Man’s tragic apostasy from God is not something which happened once for all, a long time ago. It is true in every moment of existence. . . . It involves no scientific description of absolute beginnings. Eden is on no map, and Adam’s fall fits no historical calendar. Moses is not nearer to the Fall than we are, because he lived three thousand years before our time. The Fall refers not to some datable, aboriginal calamity in the historical past of humanity, but to a dimension of human experience which is always present—namely, that we who have been created for fellowship with God repudiate it continually; and that the whole of mankind does this along with us. Every man is his own ‘Adam,’ and all men are solidarily ‘Adam.’ Thus, Paradise before the Fall, the status perfectionis, is not a period of history, but our ‘memory’ of a divinely intended quality of life, given to us along with our consciousness of guilt.

. . . I have excluded the idea of the Fall of Man. . . man has made a long climb from the status of the animal until the time when he could recognize right from wrong. That recognition, at first, was based on behavior that paid, that avoided the retribution of the tribe and the gods, and that enabled the primitive society to function.
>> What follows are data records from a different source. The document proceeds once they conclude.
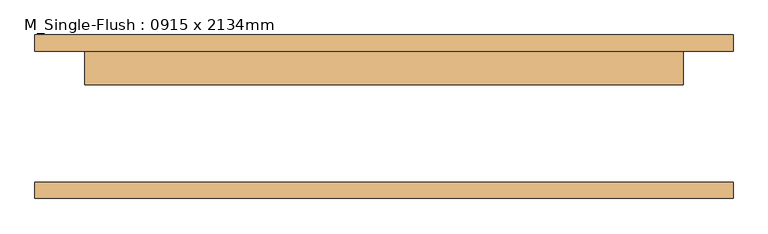
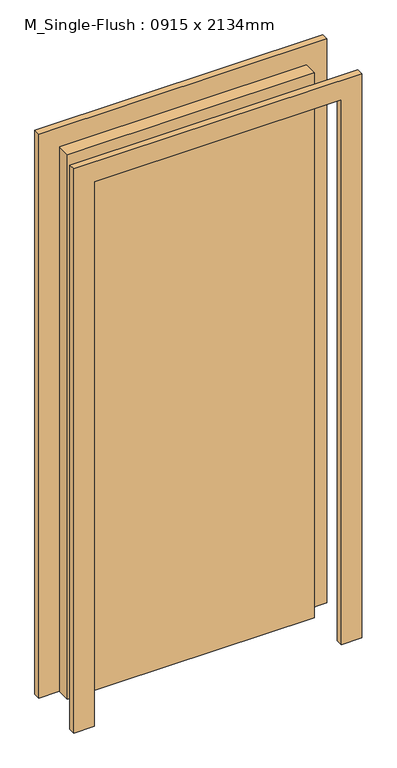
"""IFC4 building model written with IfcOpenShell, lengths in millimetres: door geometry, M_Single-Flush : 0915 x 2134mm."""

import ifcopenshell
import ifcopenshell.guid

model = None  # the IFC model being written
_history = None  # IfcOwnerHistory: only IFC2X3 demands one
_inside = {}  # id of a spatial element -> (the spatial element, [elements in it])
_under = {}  # id of a project, library or spatial element -> (it, [spatial elements below it])
_declared = {}  # id of a project -> (the project, [libraries it declares])
_typed = {}  # id of a type object -> (the type object, [elements of that type])
_made_of = {}  # id of a material, layer set ... -> (it, [elements and type objects made of it])


def new_model(schema):
    """Start an empty IFC model of exactly this schema.

    Asked for "IFC4X3", IfcOpenShell would pick the latest addendum, in which some entities
    have other attributes; the version numbers below select the first issue.
    IFC2X3 requires an IfcOwnerHistory on every rooted entity: one is made here for all.
    """
    global model, _history
    if schema == "IFC4X3":
        model = ifcopenshell.file(schema_version=(4, 3, 0, 0))
    else:
        model = ifcopenshell.file(schema=schema)
    _inside.clear()
    _under.clear()
    _declared.clear()
    _typed.clear()
    _made_of.clear()
    _history = None
    if model.schema == "IFC2X3":
        org = make("IfcOrganization", Name="unknown")
        user = make(
            "IfcPersonAndOrganization",
            ThePerson=make("IfcPerson", FamilyName="unknown"),
            TheOrganization=org,
        )
        app = make(
            "IfcApplication",
            ApplicationDeveloper=org,
            Version="unknown",
            ApplicationFullName="unknown",
            ApplicationIdentifier="unknown",
        )
        _history = make(
            "IfcOwnerHistory",
            OwningUser=user,
            OwningApplication=app,
            ChangeAction="ADDED",
            CreationDate=0,
        )
    return model


def make(cls, **values):
    """One entity of the class cls with the attributes given. An attribute that is None is left unset."""
    return model.create_entity(
        cls, **{name: value for name, value in values.items() if value is not None}
    )


def rooted(cls, **values):
    """An entity with a GlobalId (a new one), such as an element, a storey or a relation."""
    return make(cls, GlobalId=ifcopenshell.guid.new(), OwnerHistory=_history, **values)


def si_unit(unit_type, name, prefix=None):
    """IfcSIUnit, for example si_unit("LENGTHUNIT", "METRE", prefix="MILLI")."""
    return make("IfcSIUnit", UnitType=unit_type, Prefix=prefix, Name=name)


def assignment(units):
    """IfcUnitAssignment: the units of a project."""
    return None if units is None else make("IfcUnitAssignment", Units=units)


def point(xyz):
    """IfcCartesianPoint."""
    return None if xyz is None else make("IfcCartesianPoint", Coordinates=xyz)


def direction(xyz):
    """IfcDirection."""
    return None if xyz is None else make("IfcDirection", DirectionRatios=xyz)


def frame(location, z_axis=None, x_axis=None):
    """IfcAxis2Placement3D, a coordinate frame: its origin and axes. An axis left out is left unset."""
    return make(
        "IfcAxis2Placement3D",
        Location=point(location),
        Axis=direction(z_axis),
        RefDirection=direction(x_axis),
    )


def origin():
    """The frame at (0, 0, 0) with its axes left unset."""
    return frame((0.0, 0.0, 0.0))


def origin_with_axes():
    """The frame at (0, 0, 0) with the z axis (0, 0, 1) and the x axis (1, 0, 0) written out."""
    return frame((0.0, 0.0, 0.0), z_axis=(0.0, 0.0, 1.0), x_axis=(1.0, 0.0, 0.0))


def place(relative_to, where):
    """IfcLocalPlacement: puts the frame where relative to a parent placement (None: the world)."""
    return make(
        "IfcLocalPlacement", PlacementRelTo=relative_to, RelativePlacement=where
    )


def context(
    kind, dimensions, precision=None, world=None, true_north=None, identifier=None
):
    """IfcGeometricRepresentationContext, for example the 3D "Model" context."""
    return make(
        "IfcGeometricRepresentationContext",
        ContextIdentifier=identifier,
        ContextType=kind,
        CoordinateSpaceDimension=dimensions,
        Precision=precision,
        WorldCoordinateSystem=world,
        TrueNorth=true_north,
    )


def project(units=None, contexts=None):
    """IfcProject with its units and contexts."""
    return rooted(
        "IfcProject",
        Name="project",
        RepresentationContexts=contexts,
        UnitsInContext=assignment(units),
    )


def spatial(cls, under=None, at=None, **own):
    """A site, building, storey or space (cls), placed at a placement, below another one or the project."""
    s = rooted(cls, ObjectPlacement=at, **own)
    if under is not None:
        _under.setdefault(under.id(), (under, []))[1].append(s)
    return s


def polyline(points):
    """IfcPolyline through the points."""
    return make("IfcPolyline", Points=[point(p) for p in points])


def outline(outer, holes=None, kind="AREA"):
    """IfcArbitraryClosedProfileDef: a profile drawn as a closed curve; with holes, ...WithVoids."""
    if holes is None:
        return make("IfcArbitraryClosedProfileDef", ProfileType=kind, OuterCurve=outer)
    return make(
        "IfcArbitraryProfileDefWithVoids",
        ProfileType=kind,
        OuterCurve=outer,
        InnerCurves=holes,
    )


def extrude(swept, where, along, depth):
    """IfcExtrudedAreaSolid: the profile swept, set in the frame where, extruded along a direction by depth."""
    return make(
        "IfcExtrudedAreaSolid",
        SweptArea=swept,
        Position=where,
        ExtrudedDirection=direction(along),
        Depth=depth,
    )


def shape(context_of_items, identifier, shape_type, items):
    """IfcShapeRepresentation: the items that make up one representation, for example the "Body"."""
    return make(
        "IfcShapeRepresentation",
        ContextOfItems=context_of_items,
        RepresentationIdentifier=identifier,
        RepresentationType=shape_type,
        Items=items,
    )


def source(mapping_origin, context_of_items, identifier, shape_type, items):
    """IfcRepresentationMap: a shape defined once, which mapped items show again and again."""
    return make(
        "IfcRepresentationMap",
        MappingOrigin=mapping_origin,
        MappedRepresentation=shape(context_of_items, identifier, shape_type, items),
    )


def transform(
    local_origin,
    x_axis=None,
    y_axis=None,
    z_axis=None,
    scale=None,
    scale2=None,
    scale3=None,
    uniform=True,
):
    """IfcCartesianTransformationOperator3D, or its non-uniform kind. x_axis, y_axis, z_axis: its Axis1, 2, 3."""
    if uniform:
        return make(
            "IfcCartesianTransformationOperator3D",
            Axis1=direction(x_axis),
            Axis2=direction(y_axis),
            LocalOrigin=point(local_origin),
            Scale=scale,
            Axis3=direction(z_axis),
        )
    return make(
        "IfcCartesianTransformationOperator3DnonUniform",
        Axis1=direction(x_axis),
        Axis2=direction(y_axis),
        LocalOrigin=point(local_origin),
        Scale=scale,
        Axis3=direction(z_axis),
        Scale2=scale2,
        Scale3=scale3,
    )


def mapped(mapping_source, mapping_target):
    """IfcMappedItem: shows the shape of a source again, moved by a transform."""
    return make(
        "IfcMappedItem", MappingSource=mapping_source, MappingTarget=mapping_target
    )


def made_of(thing, what):
    """Note that an element or type object is made of a material, layer set ...; save() writes the relation."""
    if what is not None:
        _made_of.setdefault(what.id(), (what, []))[1].append(thing)
    return thing


def element(
    cls,
    number,
    at=None,
    inside=None,
    cuts=None,
    type_object=None,
    material=None,
    context=None,
    identifier="Body",
    shape_type=None,
    held_by="IfcProductDefinitionShape",
    body=None,
    shapes=None,
    **own,
):
    """One element of the class cls, such as IfcWall. Its Tag is "e" and its number.

    at: its placement. inside: the storey or other place that contains it. cuts: it is an
    opening in that element (IfcRelVoidsElement). A single representation is given by context,
    identifier, shape_type and body (its items); several are given by shapes. held_by: the class
    of the entity that holds the representations. save() writes the other relations.
    """
    e = rooted(cls, Tag="e%d" % number, ObjectPlacement=at, **own)
    if body is not None:
        shapes = [shape(context, identifier, shape_type, body)]
    if shapes is not None:
        e.Representation = make(held_by, Representations=shapes)
    if inside is not None:
        _inside.setdefault(inside.id(), (inside, []))[1].append(e)
    if cuts is not None:
        rooted(
            "IfcRelVoidsElement", RelatingBuildingElement=cuts, RelatedOpeningElement=e
        )
    if type_object is not None:
        _typed.setdefault(type_object.id(), (type_object, []))[1].append(e)
    return made_of(e, material)


def aggregate(whole, parts):
    """IfcRelAggregates: a whole, such as a stair, and the parts it consists of."""
    return rooted("IfcRelAggregates", RelatingObject=whole, RelatedObjects=parts)


def save(model, path):
    """Write the relations noted so far, then the file.

    IfcRelAggregates (storeys below a building ...), IfcRelContainedInSpatialStructure (elements
    in a storey), IfcRelDefinesByType, IfcRelAssociatesMaterial and IfcRelDeclares: one each for
    every whole, place, type object, material and project.
    """
    for whole, parts in _under.values():
        aggregate(whole, parts)
    for where, things in _inside.values():
        rooted(
            "IfcRelContainedInSpatialStructure",
            RelatedElements=things,
            RelatingStructure=where,
        )
    for kind, things in _typed.values():
        rooted("IfcRelDefinesByType", RelatedObjects=things, RelatingType=kind)
    for what, things in _made_of.values():
        rooted("IfcRelAssociatesMaterial", RelatedObjects=things, RelatingMaterial=what)
    for by, libraries in _declared.values():
        rooted("IfcRelDeclares", RelatingContext=by, RelatedDefinitions=libraries)
    model.write(path)


def m_single_flush_0915_x_2134mm_6a9e8738(model_context):
    return source(origin(), model_context, "Body", "SweptSolid", [
        extrude(outline(polyline([(2210.0, -533.5), (0.0, -533.5), (0.0, -457.5), (2134.0, -457.5), (2134.0, 457.5), (0.0, 457.5), (0.0, 533.5), (2210.0, 533.5), (2210.0, -533.5)])), frame((0.0, 100.0, 0.0), z_axis=(0.0, 1.0, 0.0), x_axis=(0.0, 0.0, 1.0)), (0.0, 0.0, 1.0), 25.0),
        extrude(outline(polyline([(2210.0, 533.5), (2210.0, -533.5), (0.0, -533.5), (0.0, -457.5), (2134.0, -457.5), (2134.0, 457.5), (0.0, 457.5), (0.0, 533.5), (2210.0, 533.5)])), frame((0.0, -125.0, 0.0), z_axis=(0.0, 1.0, 0.0), x_axis=(0.0, 0.0, 1.0)), (0.0, 0.0, 1.0), 25.0),
        extrude(outline(polyline([(457.5, 49.0), (-457.5, 49.0), (-457.5, 100.0), (457.5, 100.0), (457.5, 49.0)])), origin_with_axes(), (0.0, 0.0, 1.0), 2134.0),
    ])


if __name__ == "__main__":
    model = new_model("IFC4")
    model_context = context("Model", 3, world=origin())
    ifc_project = project(units=[si_unit("LENGTHUNIT", "METRE", prefix="MILLI")], contexts=[model_context])
    site = spatial("IfcSite", under=ifc_project)
    building = spatial("IfcBuilding", under=site)
    placement = place(None, origin())
    m_single_flush_0915_x_2134mm_shape = m_single_flush_0915_x_2134mm_6a9e8738(model_context)
    element("IfcDoor", 1, ObjectType="M_Single-Flush : 0915 x 2134mm", at=placement, inside=building, context=model_context, shape_type="MappedRepresentation", body=[
        mapped(m_single_flush_0915_x_2134mm_shape, transform((0.0, 0.0, 0.0), x_axis=(1.0, 0.0, 0.0), y_axis=(0.0, 1.0, 0.0), z_axis=(0.0, 0.0, 1.0))),
    ])
    save(model, "model.ifc")

# Revit data of these elements
# Type "M_Single-Flush : 0915 x 2134mm"
#   Type Mark = "15"
#   Construction Type Id = "MDOOR"
#   Analytic Construction = "Metal"
#   Thickness = 0' - 2.00787"
#   Thermal Resistance (R) = 0.270117 (m²·K)/W
#   Heat Transfer Coefficient (U) = 3.7021 W/(m²·K)
#   Height = 7' - 0.01575"
#   Trim Projection Ext = 0' - 0.98425"
#   Trim Projection Int = 0' - 0.98425"
#   Trim Width = 0' - 2.99213"
#   Width = 3' - 0.02362"
#   Door Material = Door - Panel
#   Frame Material = Door - Frame
#   Visual Light Transmittance = 0
#   Solar Heat Gain Coefficient = 0
#   Function = (empty or 0)
#   Wall Closure = (empty or 0)
# Element 1 (IfcDoor, "M_Single-Flush : 0915 x 2134mm")
#   Materials on its faces: "Door - Frame", "Door - Panel"
# Materials
#   "Door - Panel": class "Wood", colour RGB 210 159 95, transparency 0, Cost = 0
#   "Door - Frame": class "Miscellaneous", colour RGB 118 70 51, transparency 0, Cost = 0

Yet, however lowly in origin—and I am referring to a period centuries before right seemed to be worth following simply because it was right, or because man’s dignity and status were sustained by doing right; centuries before right was conceived as pleasing to God because he was holy and righteous—that earliest recognition of a difference between right and wrong was an immense advance, even though wrong was chosen.

Let us never imagine that faith can ever be furthered by suppressing doubt, let alone by suppressing evidence. All truth is one, and religion must be as eager as science to know the truth as far as man can perceive it. If something we have treasured as truth is really contradicted by unanswerable evidence, then in the name of the God of truth we must part with it however venerable it may be. Let us never suppose that we can take over faith from our parents without examination, or believe anything merely because another says it is true. But let us not be content with a static agnosticism which never rouses itself to make inquiry. Let us examine the evidence and then in complete loyalty to its trend make a leap both of intellect and will, and, committing ourselves, acting as if all were established, try out in life the faith that carries us on wings after the hard road of fact and reason stops.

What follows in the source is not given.